The investigators hypothesize that perioperative HFNO reduces perioperative oxygen desaturation and reduces postoperative pulmonary complications in patients undergoing robotic-assisted surgery.
Study Type
INTERVENTIONAL
Allocation
RANDOMIZED
Purpose
TREATMENT
Masking
SINGLE
Enrollment
190
In the intervention group, high-flow nasal oxygen (HFNO) will be initiated at the start of preoxygenation and maintained throughout the apneic phase of induction until successful tracheal intubation. HFNO will be reinitiated immediately prior to extubation and continued throughout the early postoperative period until discharge from the post-anesthesia care unit (PACU). HFNO can be discontinued earlier in the PACU at the discretion of the nurse treating the patient, or upon patient request. HFNO can further be changed to standard of care (standard oxygen mask or standard nasal cannula) at any time at the discretion of the anesthesia provider or PACU nurse. Flow rates and fraction of inspired oxygen (FiO₂) will follow the study protocol (60 liters per minute at 100% O2 for induction of anesthesia, 60 liters per minute at 70% O2 for extubation until 10 minutes after arrival in the PACU with subsequent weaning over the first hour after PACU arrival).

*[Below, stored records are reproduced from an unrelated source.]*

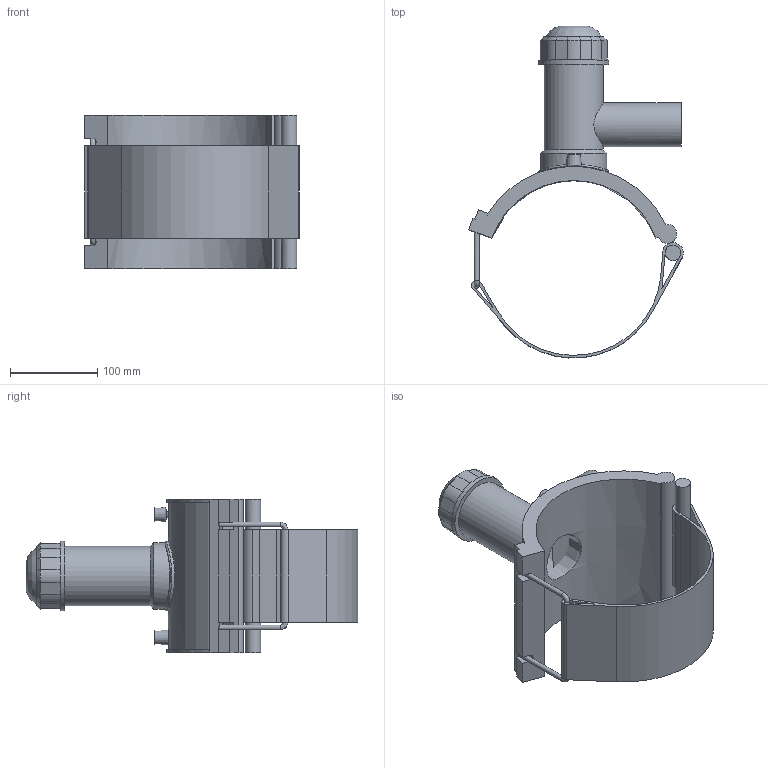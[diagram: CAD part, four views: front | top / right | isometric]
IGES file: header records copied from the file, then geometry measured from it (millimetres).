
Global section: file name: 496304200050.ipt; native system: Autodesk Inventor 2015; preprocessor: unknown; author: KIM; date: 20190124.131151; units: millimetre
Bounding box: 245.66 x 379.84 x 176 mm (x, y, z)
Volume: 1310726.1 mm3; surface area: 313687 mm2
Topology: 2 solids, 2 shells, 121 faces, 301 edges, 191 vertices
Faces by surface type: plane 68, cylinder 29, revolution 12, cone 11, bspline 1
Full cylindrical faces by diameter (mm): 4 x2, 5.6 x2, 17.692 x1, 50 x1, 68 x1, 76 x1, 80 x2

Beth Israel Deaconess Medical Center
Boston, Massachusetts, United States
Incidence of perioperative oxygen desaturation
Incidence of desaturation between induction of anesthesia and discharge from PACU, measured as SpO2 \<92%
Time frame: Assessed continuously from induction of anesthesia until discharge from PACU; duration varies depending on surgical procedure and recovery time, up to 24 hours after surgery
End expiratory lung volume (EELV)
End expiratory lung volume (EELV), measured as difference between pre-oxygenation to post-induction (5min after intubation) and pre-extubation to post-extubation, and pre-extubation to PACU. EELV will be assessed using electrical impedance tomography.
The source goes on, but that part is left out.